Supplied records section start
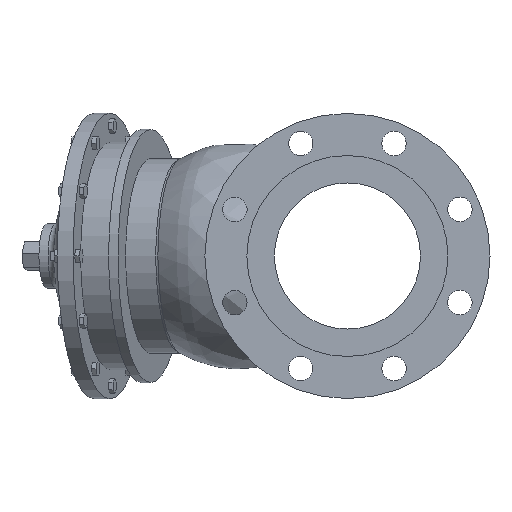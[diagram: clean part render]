
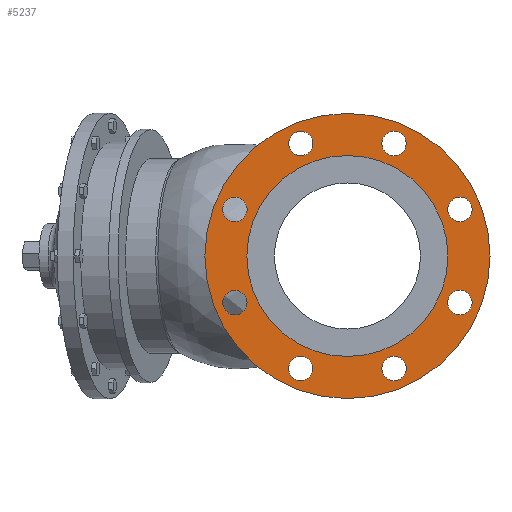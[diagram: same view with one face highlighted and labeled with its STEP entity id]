
A CAD part, left-side view. The second image highlights one B-rep face of the part: STEP entity #5237.
In plain terms, the highlighted planar face has unit normal (-1, 0, 0).
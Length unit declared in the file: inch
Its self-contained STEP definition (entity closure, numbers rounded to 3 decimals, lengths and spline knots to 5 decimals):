
#256=PLANE('',#5609);
#303=FACE_BOUND('',#960,.T.);
#304=FACE_BOUND('',#961,.T.);
#305=FACE_BOUND('',#962,.T.);
#306=FACE_BOUND('',#963,.T.);
#307=FACE_BOUND('',#964,.T.);
#308=FACE_BOUND('',#965,.T.);
#309=FACE_BOUND('',#966,.T.);
#310=FACE_BOUND('',#967,.T.);
#311=FACE_BOUND('',#968,.T.);
#653=FACE_OUTER_BOUND('',#959,.T.);
#959=EDGE_LOOP('',(#4608,#4609));
#960=EDGE_LOOP('',(#4610));
#961=EDGE_LOOP('',(#4611));
#962=EDGE_LOOP('',(#4612));
#963=EDGE_LOOP('',(#4613));
#964=EDGE_LOOP('',(#4614));
#965=EDGE_LOOP('',(#4615));
#966=EDGE_LOOP('',(#4616));
#967=EDGE_LOOP('',(#4617));
#968=EDGE_LOOP('',(#4618,#4619));
#2058=CIRCLE('',#5266,0.375);
#2060=CIRCLE('',#5269,0.375);
#2062=CIRCLE('',#5272,0.375);
#2064=CIRCLE('',#5275,0.375);
#2066=CIRCLE('',#5278,0.375);
#2068=CIRCLE('',#5281,0.375);
#2070=CIRCLE('',#5284,0.375);
#2072=CIRCLE('',#5287,0.375);
#2153=CIRCLE('',#5607,3.095);
#2154=CIRCLE('',#5608,3.095);
#2155=CIRCLE('',#5610,4.39);
#2156=CIRCLE('',#5611,4.39);
#2167=VERTEX_POINT('',#6927);
#2169=VERTEX_POINT('',#6933);
#2171=VERTEX_POINT('',#6939);
#2173=VERTEX_POINT('',#6945);
#2175=VERTEX_POINT('',#6951);
#2177=VERTEX_POINT('',#6957);
#2179=VERTEX_POINT('',#6963);
#2181=VERTEX_POINT('',#6969);
#2618=VERTEX_POINT('',#9451);
#2619=VERTEX_POINT('',#9452);
#2620=VERTEX_POINT('',#9457);
#2621=VERTEX_POINT('',#9458);
#2632=EDGE_CURVE('',#2167,#2167,#2058,.T.);
#2635=EDGE_CURVE('',#2169,#2169,#2060,.T.);
#2638=EDGE_CURVE('',#2171,#2171,#2062,.T.);
#2641=EDGE_CURVE('',#2173,#2173,#2064,.T.);
#2644=EDGE_CURVE('',#2175,#2175,#2066,.T.);
#2647=EDGE_CURVE('',#2177,#2177,#2068,.T.);
#2650=EDGE_CURVE('',#2179,#2179,#2070,.T.);
#2653=EDGE_CURVE('',#2181,#2181,#2072,.T.);
#3296=EDGE_CURVE('',#2618,#2619,#2153,.T.);
#3297=EDGE_CURVE('',#2619,#2618,#2154,.T.);
#3299=EDGE_CURVE('',#2620,#2621,#2155,.T.);
#3300=EDGE_CURVE('',#2621,#2620,#2156,.T.);
#4608=ORIENTED_EDGE('',*,*,#3299,.F.);
#4609=ORIENTED_EDGE('',*,*,#3300,.F.);
#4610=ORIENTED_EDGE('',*,*,#2632,.T.);
#4611=ORIENTED_EDGE('',*,*,#2635,.T.);
#4612=ORIENTED_EDGE('',*,*,#2638,.T.);
#4613=ORIENTED_EDGE('',*,*,#2641,.T.);
#4614=ORIENTED_EDGE('',*,*,#2644,.T.);
#4615=ORIENTED_EDGE('',*,*,#2647,.T.);
#4616=ORIENTED_EDGE('',*,*,#2650,.T.);
#4617=ORIENTED_EDGE('',*,*,#2653,.T.);
#4618=ORIENTED_EDGE('',*,*,#3296,.T.);
#4619=ORIENTED_EDGE('',*,*,#3297,.T.);
#5237=ADVANCED_FACE('',(#653,#303,#304,#305,#306,#307,#308,#309,#310,#311),
#256,.T.);
#5266=AXIS2_PLACEMENT_3D('',#6928,#5646,#5647);
#5269=AXIS2_PLACEMENT_3D('',#6934,#5653,#5654);
#5272=AXIS2_PLACEMENT_3D('',#6940,#5660,#5661);
#5275=AXIS2_PLACEMENT_3D('',#6946,#5667,#5668);
#5278=AXIS2_PLACEMENT_3D('',#6952,#5674,#5675);
#5281=AXIS2_PLACEMENT_3D('',#6958,#5681,#5682);
#5284=AXIS2_PLACEMENT_3D('',#6964,#5688,#5689);
#5287=AXIS2_PLACEMENT_3D('',#6970,#5695,#5696);
#5607=AXIS2_PLACEMENT_3D('',#9453,#6851,#6852);
#5608=AXIS2_PLACEMENT_3D('',#9454,#6853,#6854);
#5609=AXIS2_PLACEMENT_3D('',#9456,#6856,#6857);
#5610=AXIS2_PLACEMENT_3D('',#9459,#6858,#6859);
#5611=AXIS2_PLACEMENT_3D('',#9460,#6860,#6861);
#5646=DIRECTION('center_axis',(1.,0.,0.));
#5647=DIRECTION('ref_axis',(0.,0.707,0.707));
#5653=DIRECTION('center_axis',(1.,0.,0.));
#5654=DIRECTION('ref_axis',(0.,1.,0.));
#5660=DIRECTION('center_axis',(1.,0.,0.));
#5661=DIRECTION('ref_axis',(0.,0.707,-0.707));
#5667=DIRECTION('center_axis',(1.,0.,0.));
#5668=DIRECTION('ref_axis',(0.,0.,-1.));
#5674=DIRECTION('center_axis',(1.,0.,0.));
#5675=DIRECTION('ref_axis',(0.,-0.707,-0.707));
#5681=DIRECTION('center_axis',(1.,0.,0.));
#5682=DIRECTION('ref_axis',(0.,-1.,0.));
#5688=DIRECTION('center_axis',(1.,0.,0.));
#5689=DIRECTION('ref_axis',(0.,-0.707,0.707));
#5695=DIRECTION('center_axis',(1.,0.,0.));
#5696=DIRECTION('ref_axis',(0.,0.,1.));
#6851=DIRECTION('center_axis',(1.,0.,0.));
#6852=DIRECTION('ref_axis',(0.,0.,-1.));
#6853=DIRECTION('center_axis',(1.,0.,0.));
#6854=DIRECTION('ref_axis',(0.,0.,-1.));
#6856=DIRECTION('center_axis',(-1.,0.,0.));
#6857=DIRECTION('ref_axis',(0.,0.,1.));
#6858=DIRECTION('center_axis',(1.,0.,0.));
#6859=DIRECTION('ref_axis',(0.,0.,-1.));
#6860=DIRECTION('center_axis',(1.,0.,0.));
#6861=DIRECTION('ref_axis',(0.,0.,-1.));
#6927=CARTESIAN_POINT('',(-6.24,1.1699,-3.72971));
#6928=CARTESIAN_POINT('Origin',(-6.24,1.43506,-3.46455));
#6933=CARTESIAN_POINT('',(-6.24,-1.81006,-3.46455));
#6934=CARTESIAN_POINT('Origin',(-6.24,-1.43506,-3.46455));
#6939=CARTESIAN_POINT('',(-6.24,-3.72971,-1.1699));
#6940=CARTESIAN_POINT('Origin',(-6.24,-3.46455,-1.43506));
#6945=CARTESIAN_POINT('',(-6.24,-3.46455,1.81006));
#6946=CARTESIAN_POINT('Origin',(-6.24,-3.46455,1.43506));
#6951=CARTESIAN_POINT('',(-6.24,-1.1699,3.72971));
#6952=CARTESIAN_POINT('Origin',(-6.24,-1.43506,3.46455));
#6957=CARTESIAN_POINT('',(-6.24,1.81006,3.46455));
#6958=CARTESIAN_POINT('Origin',(-6.24,1.43506,3.46455));
#6963=CARTESIAN_POINT('',(-6.24,3.72971,1.1699));
#6964=CARTESIAN_POINT('Origin',(-6.24,3.46455,1.43506));
#6969=CARTESIAN_POINT('',(-6.24,3.46455,-1.81006));
#6970=CARTESIAN_POINT('Origin',(-6.24,3.46455,-1.43506));
#9451=CARTESIAN_POINT('',(-6.24,3.095,0.));
#9452=CARTESIAN_POINT('',(-6.24,-3.095,0.));
#9453=CARTESIAN_POINT('Origin',(-6.24,0.,0.));
#9454=CARTESIAN_POINT('Origin',(-6.24,0.,0.));
#9456=CARTESIAN_POINT('Origin',(-6.24,4.39,0.));
#9457=CARTESIAN_POINT('',(-6.24,4.39,0.));
#9458=CARTESIAN_POINT('',(-6.24,-4.39,0.));
#9459=CARTESIAN_POINT('Origin',(-6.24,0.,0.));
#9460=CARTESIAN_POINT('Origin',(-6.24,0.,0.));
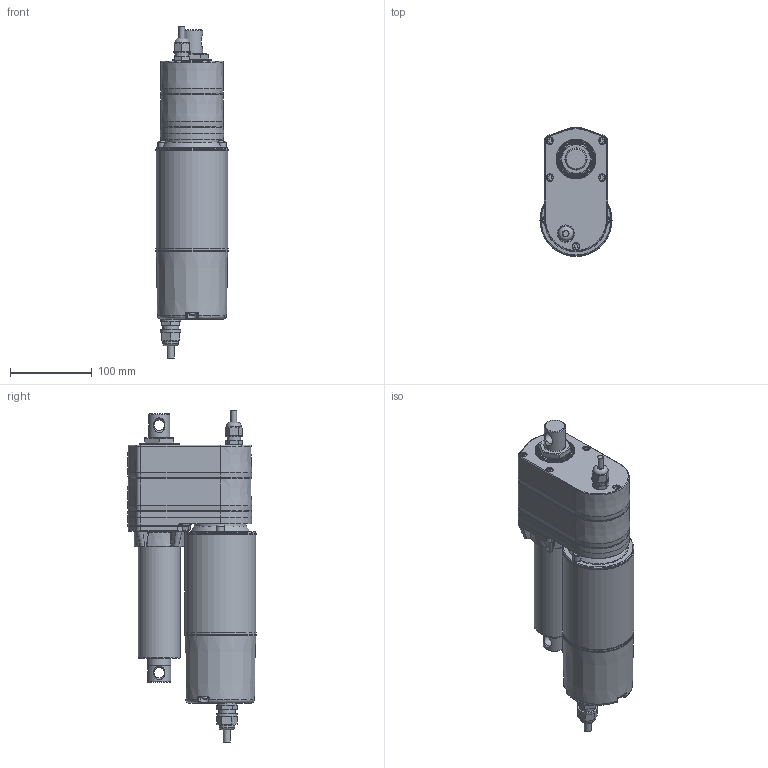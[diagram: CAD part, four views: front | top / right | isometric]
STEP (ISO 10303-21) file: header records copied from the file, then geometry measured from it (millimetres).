
FILE_DESCRIPTION (( 'STEP AP203' ), '1' );
FILE_NAME ('IA5-ACME+POT-102.STEP', '2019-02-27T09:02:19', ( '' ), ( '' ), 'SwSTEP 2.0', 'SolidWorks 2015', '' );
FILE_SCHEMA (( 'CONFIG_CONTROL_DESIGN' ));
Length unit declared in the file: millimetre
Products named in the file (3): IA05-A-1; IA05-A-2; IA5-ACME+POT-102
Assembly tree (2 placements, depth 2):
  IA5-ACME+POT-102
    IA05-A-1
    IA05-A-2
Bounding box: 88 x 157.08 x 405.23 mm (x, y, z)
Volume: 2714467.2 mm3; surface area: 195337.5 mm2
Topology: 2 solids, 2 shells, 1057 faces, 2681 edges, 1665 vertices
Faces by surface type: plane 614, cylinder 185, bspline 106, torus 97, cone 49, sphere 6
Full cylindrical faces by diameter (mm): 7 x4, 8.5 x6, 9 x5, 13 x2, 16.5 x2, 18 x1, 19 x1, 20 x1, 21 x1, 24 x1, 25 x1, 26 x1, 28 x1, 28.1 x1, 28.6 x3, 28.62 x1, 48.2 x1, 50.8 x1, 63.5 x1, 87 x3, 88 x3
Entity records: 35180 total; most frequent: CARTESIAN_POINT 12158, ORIENTED_EDGE 5168, DIRECTION 4284, EDGE_CURVE 2584, VERTEX_POINT 1643, AXIS2_PLACEMENT_3D 1624, EDGE_LOOP 1173, FACE_OUTER_BOUND 1112
Supplied records section end
| Work instructions |
Nothing but the lines from the start of the records above through the line with "#2641=EDGE_CURVE('',#2173,#2173,#2064,.T.);" should be retyped, each exactly as written; leave out all pictures.

| Answer for the task |
[diagram: clean part render]
[diagram: same view with one face highlighted and labeled with its STEP entity id]
A CAD part, left-side view. The second image highlights one B-rep face of the part: STEP entity #5237.
In plain terms, the highlighted planar face has unit normal (-1, 0, 0).
Length unit declared in the file: inch
Its self-contained STEP definition (entity closure, numbers rounded to 3 decimals, lengths and spline knots to 5 decimals):
#256=PLANE('',#5609);
#303=FACE_BOUND('',#960,.T.);
#304=FACE_BOUND('',#961,.T.);
#305=FACE_BOUND('',#962,.T.);
#306=FACE_BOUND('',#963,.T.);
#307=FACE_BOUND('',#964,.T.);
#308=FACE_BOUND('',#965,.T.);
#309=FACE_BOUND('',#966,.T.);
#310=FACE_BOUND('',#967,.T.);
#311=FACE_BOUND('',#968,.T.);
#653=FACE_OUTER_BOUND('',#959,.T.);
#959=EDGE_LOOP('',(#4608,#4609));
#960=EDGE_LOOP('',(#4610));
#961=EDGE_LOOP('',(#4611));
#962=EDGE_LOOP('',(#4612));
#963=EDGE_LOOP('',(#4613));
#964=EDGE_LOOP('',(#4614));
#965=EDGE_LOOP('',(#4615));
#966=EDGE_LOOP('',(#4616));
#967=EDGE_LOOP('',(#4617));
#968=EDGE_LOOP('',(#4618,#4619));
#2058=CIRCLE('',#5266,0.375);
#2060=CIRCLE('',#5269,0.375);
#2062=CIRCLE('',#5272,0.375);
#2064=CIRCLE('',#5275,0.375);
#2066=CIRCLE('',#5278,0.375);
#2068=CIRCLE('',#5281,0.375);
#2070=CIRCLE('',#5284,0.375);
#2072=CIRCLE('',#5287,0.375);
#2153=CIRCLE('',#5607,3.095);
#2154=CIRCLE('',#5608,3.095);
#2155=CIRCLE('',#5610,4.39);
#2156=CIRCLE('',#5611,4.39);
#2167=VERTEX_POINT('',#6927);
#2169=VERTEX_POINT('',#6933);
#2171=VERTEX_POINT('',#6939);
#2173=VERTEX_POINT('',#6945);
#2175=VERTEX_POINT('',#6951);
#2177=VERTEX_POINT('',#6957);
#2179=VERTEX_POINT('',#6963);
#2181=VERTEX_POINT('',#6969);
#2618=VERTEX_POINT('',#9451);
#2619=VERTEX_POINT('',#9452);
#2620=VERTEX_POINT('',#9457);
#2621=VERTEX_POINT('',#9458);
#2632=EDGE_CURVE('',#2167,#2167,#2058,.T.);
#2635=EDGE_CURVE('',#2169,#2169,#2060,.T.);
#2638=EDGE_CURVE('',#2171,#2171,#2062,.T.);
#2641=EDGE_CURVE('',#2173,#2173,#2064,.T.);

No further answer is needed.